The future of the world is not supposed to hinge on Germany's decisions. Preventing that was a consistent theme of great-power politics in the 20th century.
Yet a decade into the 21st century, all eyes are on Berlin as the world searches for signs that Germany will use its economic might to rescue Europe's currency and, with that, the world economy.
This is not the role Germany would have chosen for itself. If its postwar politicians had their way, they would probably remain subsumed in the bland collective identity of the European Union.
That is not an option anymore. But how should German Chancellor Angela Merkel wield that power?
Her country's taxpayers understandably resist bailing out mismanaged Southern European governments. German courts may not let Berlin participate in some proposed solutions, such as jointly guaranteed "euro bonds."
And as Ms. Merkel and her officials have argued endlessly, there is no point bailing out insolvent countries merely to enable continued overspending. No doubt they are right that permitting the European Central Bank to buy unlimited quantities of distressed sovereign bonds is a gamble that would put Germany's wealth disproportionately at risk.
Yet Germany's exporters profited from the southern European spending spree that German politicians now condemn. There is a tension between its rhetoric about saving the euro and Europe and its hesitation to pay for those lofty goals.
The world's patience has worn thin as one limited rescue plan after another has failed, bringing Europe to the brink of financial collapse. Analysts warn of a worst-case recession that could shrink Europe's weaker economies by half, and Germany's by 20 percent or more.
Bank lending is evaporating, and interest rates on government debt are spiking to unsustainable levels. For the United States, the threats include bank losses and diminished exports.
Ms. Merkel wants to change the 27-nation European Union treaty to impose the collective fiscal discipline that was absent at the euro's creation. But there is no time for that now. The most that can be hoped for are guarantees by the 17 nations that use the euro to ensure that bailed-out countries control their debts.
Such a commitment would give Ms. Merkel the political cover she needs. It's to be hoped the chancellor's resistance to radical measures so far has been tactical -- a politically necessary effort to show her people that she drove a hard bargain in return for their money.

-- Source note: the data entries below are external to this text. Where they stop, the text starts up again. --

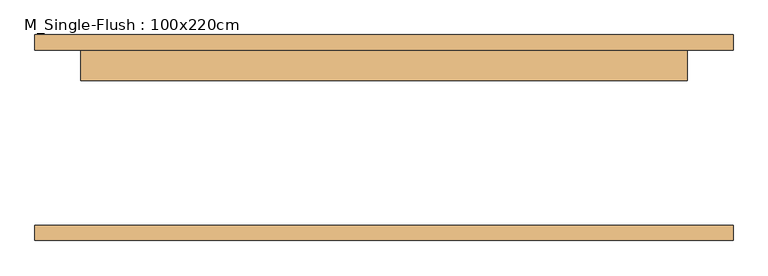
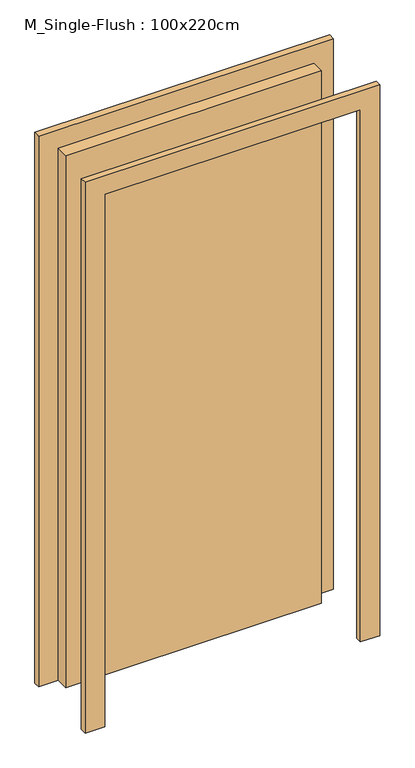
"""IFC4 building model written with IfcOpenShell, lengths in millimetres: door geometry, M_Single-Flush : 100x220cm."""

import ifcopenshell
import ifcopenshell.guid

model = None  # the IFC model being written
_history = None  # IfcOwnerHistory: only IFC2X3 demands one
_inside = {}  # id of a spatial element -> (the spatial element, [elements in it])
_under = {}  # id of a project, library or spatial element -> (it, [spatial elements below it])
_declared = {}  # id of a project -> (the project, [libraries it declares])
_typed = {}  # id of a type object -> (the type object, [elements of that type])
_made_of = {}  # id of a material, layer set ... -> (it, [elements and type objects made of it])


def new_model(schema):
    """Start an empty IFC model of exactly this schema.

    Asked for "IFC4X3", IfcOpenShell would pick the latest addendum, in which some entities
    have other attributes; the version numbers below select the first issue.
    IFC2X3 requires an IfcOwnerHistory on every rooted entity: one is made here for all.
    """
    global model, _history
    if schema == "IFC4X3":
        model = ifcopenshell.file(schema_version=(4, 3, 0, 0))
    else:
        model = ifcopenshell.file(schema=schema)
    _inside.clear()
    _under.clear()
    _declared.clear()
    _typed.clear()
    _made_of.clear()
    _history = None
    if model.schema == "IFC2X3":
        org = make("IfcOrganization", Name="unknown")
        user = make(
            "IfcPersonAndOrganization",
            ThePerson=make("IfcPerson", FamilyName="unknown"),
            TheOrganization=org,
        )
        app = make(
            "IfcApplication",
            ApplicationDeveloper=org,
            Version="unknown",
            ApplicationFullName="unknown",
            ApplicationIdentifier="unknown",
        )
        _history = make(
            "IfcOwnerHistory",
            OwningUser=user,
            OwningApplication=app,
            ChangeAction="ADDED",
            CreationDate=0,
        )
    return model


def make(cls, **values):
    """One entity of the class cls with the attributes given. An attribute that is None is left unset."""
    return model.create_entity(
        cls, **{name: value for name, value in values.items() if value is not None}
    )


def rooted(cls, **values):
    """An entity with a GlobalId (a new one), such as an element, a storey or a relation."""
    return make(cls, GlobalId=ifcopenshell.guid.new(), OwnerHistory=_history, **values)


def si_unit(unit_type, name, prefix=None):
    """IfcSIUnit, for example si_unit("LENGTHUNIT", "METRE", prefix="MILLI")."""
    return make("IfcSIUnit", UnitType=unit_type, Prefix=prefix, Name=name)


def assignment(units):
    """IfcUnitAssignment: the units of a project."""
    return None if units is None else make("IfcUnitAssignment", Units=units)


def point(xyz):
    """IfcCartesianPoint."""
    return None if xyz is None else make("IfcCartesianPoint", Coordinates=xyz)


def direction(xyz):
    """IfcDirection."""
    return None if xyz is None else make("IfcDirection", DirectionRatios=xyz)


def frame(location, z_axis=None, x_axis=None):
    """IfcAxis2Placement3D, a coordinate frame: its origin and axes. An axis left out is left unset."""
    return make(
        "IfcAxis2Placement3D",
        Location=point(location),
        Axis=direction(z_axis),
        RefDirection=direction(x_axis),
    )


def origin():
    """The frame at (0, 0, 0) with its axes left unset."""
    return frame((0.0, 0.0, 0.0))


def origin_with_axes():
    """The frame at (0, 0, 0) with the z axis (0, 0, 1) and the x axis (1, 0, 0) written out."""
    return frame((0.0, 0.0, 0.0), z_axis=(0.0, 0.0, 1.0), x_axis=(1.0, 0.0, 0.0))


def place(relative_to, where):
    """IfcLocalPlacement: puts the frame where relative to a parent placement (None: the world)."""
    return make(
        "IfcLocalPlacement", PlacementRelTo=relative_to, RelativePlacement=where
    )


def context(
    kind, dimensions, precision=None, world=None, true_north=None, identifier=None
):
    """IfcGeometricRepresentationContext, for example the 3D "Model" context."""
    return make(
        "IfcGeometricRepresentationContext",
        ContextIdentifier=identifier,
        ContextType=kind,
        CoordinateSpaceDimension=dimensions,
        Precision=precision,
        WorldCoordinateSystem=world,
        TrueNorth=true_north,
    )


def project(units=None, contexts=None):
    """IfcProject with its units and contexts."""
    return rooted(
        "IfcProject",
        Name="project",
        RepresentationContexts=contexts,
        UnitsInContext=assignment(units),
    )


def spatial(cls, under=None, at=None, **own):
    """A site, building, storey or space (cls), placed at a placement, below another one or the project."""
    s = rooted(cls, ObjectPlacement=at, **own)
    if under is not None:
        _under.setdefault(under.id(), (under, []))[1].append(s)
    return s


def polyline(points):
    """IfcPolyline through the points."""
    return make("IfcPolyline", Points=[point(p) for p in points])


def outline(outer, holes=None, kind="AREA"):
    """IfcArbitraryClosedProfileDef: a profile drawn as a closed curve; with holes, ...WithVoids."""
    if holes is None:
        return make("IfcArbitraryClosedProfileDef", ProfileType=kind, OuterCurve=outer)
    return make(
        "IfcArbitraryProfileDefWithVoids",
        ProfileType=kind,
        OuterCurve=outer,
        InnerCurves=holes,
    )


def extrude(swept, where, along, depth):
    """IfcExtrudedAreaSolid: the profile swept, set in the frame where, extruded along a direction by depth."""
    return make(
        "IfcExtrudedAreaSolid",
        SweptArea=swept,
        Position=where,
        ExtrudedDirection=direction(along),
        Depth=depth,
    )


def shape(context_of_items, identifier, shape_type, items):
    """IfcShapeRepresentation: the items that make up one representation, for example the "Body"."""
    return make(
        "IfcShapeRepresentation",
        ContextOfItems=context_of_items,
        RepresentationIdentifier=identifier,
        RepresentationType=shape_type,
        Items=items,
    )


def source(mapping_origin, context_of_items, identifier, shape_type, items):
    """IfcRepresentationMap: a shape defined once, which mapped items show again and again."""
    return make(
        "IfcRepresentationMap",
        MappingOrigin=mapping_origin,
        MappedRepresentation=shape(context_of_items, identifier, shape_type, items),
    )


def transform(
    local_origin,
    x_axis=None,
    y_axis=None,
    z_axis=None,
    scale=None,
    scale2=None,
    scale3=None,
    uniform=True,
):
    """IfcCartesianTransformationOperator3D, or its non-uniform kind. x_axis, y_axis, z_axis: its Axis1, 2, 3."""
    if uniform:
        return make(
            "IfcCartesianTransformationOperator3D",
            Axis1=direction(x_axis),
            Axis2=direction(y_axis),
            LocalOrigin=point(local_origin),
            Scale=scale,
            Axis3=direction(z_axis),
        )
    return make(
        "IfcCartesianTransformationOperator3DnonUniform",
        Axis1=direction(x_axis),
        Axis2=direction(y_axis),
        LocalOrigin=point(local_origin),
        Scale=scale,
        Axis3=direction(z_axis),
        Scale2=scale2,
        Scale3=scale3,
    )


def mapped(mapping_source, mapping_target):
    """IfcMappedItem: shows the shape of a source again, moved by a transform."""
    return make(
        "IfcMappedItem", MappingSource=mapping_source, MappingTarget=mapping_target
    )


def made_of(thing, what):
    """Note that an element or type object is made of a material, layer set ...; save() writes the relation."""
    if what is not None:
        _made_of.setdefault(what.id(), (what, []))[1].append(thing)
    return thing


def element(
    cls,
    number,
    at=None,
    inside=None,
    cuts=None,
    type_object=None,
    material=None,
    context=None,
    identifier="Body",
    shape_type=None,
    held_by="IfcProductDefinitionShape",
    body=None,
    shapes=None,
    **own,
):
    """One element of the class cls, such as IfcWall. Its Tag is "e" and its number.

    at: its placement. inside: the storey or other place that contains it. cuts: it is an
    opening in that element (IfcRelVoidsElement). A single representation is given by context,
    identifier, shape_type and body (its items); several are given by shapes. held_by: the class
    of the entity that holds the representations. save() writes the other relations.
    """
    e = rooted(cls, Tag="e%d" % number, ObjectPlacement=at, **own)
    if body is not None:
        shapes = [shape(context, identifier, shape_type, body)]
    if shapes is not None:
        e.Representation = make(held_by, Representations=shapes)
    if inside is not None:
        _inside.setdefault(inside.id(), (inside, []))[1].append(e)
    if cuts is not None:
        rooted(
            "IfcRelVoidsElement", RelatingBuildingElement=cuts, RelatedOpeningElement=e
        )
    if type_object is not None:
        _typed.setdefault(type_object.id(), (type_object, []))[1].append(e)
    return made_of(e, material)


def aggregate(whole, parts):
    """IfcRelAggregates: a whole, such as a stair, and the parts it consists of."""
    return rooted("IfcRelAggregates", RelatingObject=whole, RelatedObjects=parts)


def save(model, path):
    """Write the relations noted so far, then the file.

    IfcRelAggregates (storeys below a building ...), IfcRelContainedInSpatialStructure (elements
    in a storey), IfcRelDefinesByType, IfcRelAssociatesMaterial and IfcRelDeclares: one each for
    every whole, place, type object, material and project.
    """
    for whole, parts in _under.values():
        aggregate(whole, parts)
    for where, things in _inside.values():
        rooted(
            "IfcRelContainedInSpatialStructure",
            RelatedElements=things,
            RelatingStructure=where,
        )
    for kind, things in _typed.values():
        rooted("IfcRelDefinesByType", RelatedObjects=things, RelatingType=kind)
    for what, things in _made_of.values():
        rooted("IfcRelAssociatesMaterial", RelatedObjects=things, RelatingMaterial=what)
    for by, libraries in _declared.values():
        rooted("IfcRelDeclares", RelatingContext=by, RelatedDefinitions=libraries)
    model.write(path)


def m_single_flush_100x220cm_28528f9a(model_context):
    return source(origin(), model_context, "Body", "SweptSolid", [
        extrude(outline(polyline([(2276.0, -576.0), (0.0, -576.0), (0.0, -500.0), (2200.0, -500.0), (2200.0, 500.0), (0.0, 500.0), (0.0, 576.0), (2276.0, 576.0), (2276.0, -576.0)])), frame((0.0, 145.0, 0.0), z_axis=(0.0, 1.0, 0.0), x_axis=(0.0, 0.0, 1.0)), (0.0, 0.0, 1.0), 25.0),
        extrude(outline(polyline([(2276.0, 576.0), (2276.0, -576.0), (0.0, -576.0), (0.0, -500.0), (2200.0, -500.0), (2200.0, 500.0), (0.0, 500.0), (0.0, 576.0), (2276.0, 576.0)])), frame((0.0, -170.0, 0.0), z_axis=(0.0, 1.0, 0.0), x_axis=(0.0, 0.0, 1.0)), (0.0, 0.0, 1.0), 25.0),
        extrude(outline(polyline([(500.0, 94.0), (-500.0, 94.0), (-500.0, 145.0), (500.0, 145.0), (500.0, 94.0)])), origin_with_axes(), (0.0, 0.0, 1.0), 2200.0),
    ])


if __name__ == "__main__":
    model = new_model("IFC4")
    model_context = context("Model", 3, world=origin())
    ifc_project = project(units=[si_unit("LENGTHUNIT", "METRE", prefix="MILLI")], contexts=[model_context])
    site = spatial("IfcSite", under=ifc_project)
    building = spatial("IfcBuilding", under=site)
    placement = place(None, origin())
    m_single_flush_100x220cm_shape = m_single_flush_100x220cm_28528f9a(model_context)
    element("IfcDoor", 1, ObjectType="M_Single-Flush : 100x220cm", at=placement, inside=building, context=model_context, shape_type="MappedRepresentation", body=[
        mapped(m_single_flush_100x220cm_shape, transform((0.0, 0.0, 0.0), x_axis=(1.0, 0.0, 0.0), y_axis=(0.0, 1.0, 0.0), z_axis=(0.0, 0.0, 1.0))),
    ])
    save(model, "model.ifc")

# Revit data of these elements
# Type "M_Single-Flush : 100x220cm"
#   Type Mark = "44"
#   Construction Type Id = "MDOOR"
#   Analytic Construction = "Metal"
#   Thickness = 5.10 cm
#   Heat Transfer Coefficient (U) = 3.7021 W/(m²·K)
#   Height = 220.00 cm
#   Trim Projection Ext = 2.50 cm
#   Trim Projection Int = 2.50 cm
#   Trim Width = 7.60 cm
#   Width = 100.00 cm
#   Define Thermal Properties by = 1
#   Door Material = Door - Panel
#   Frame Material = Door - Frame
#   Visual Light Transmittance = 0
#   Solar Heat Gain Coefficient = 0
#   Function = (empty or 0)
#   Wall Closure = (empty or 0)
# Element 1 (IfcDoor, "M_Single-Flush : 100x220cm")
#   Materials on its faces: "Door - Frame", "Door - Panel"
# Materials
#   "Door - Panel": class "Wood", colour RGB 210 159 95, transparency 0, Cost = 0
#   "Door - Frame": class "Miscellaneous", colour RGB 118 70 51, transparency 0, Cost = 0

Even if Europe staves off short-term disaster, its troubles may be only beginning. There is no lasting solution to Europe's multiple sovereign-debt crises unless and until countries rekindle economic growth, but austerity works also in the opposite direction.
The crisis has illuminated once again the democratic deficit at the heart of the European project. If the euro is to be saved, it will require sacrifices, in both prosperity and sovereignty, that the continent's peoples probably would reject if they could. Adding to that is the resentment building between Germans and the recipients of their grudging largess.
Those long-term issues will be harder for Europe to address if it cannot prevent short-term collapse. The choice is between a truly desperate future and a merely bleak one. It's up to Germany.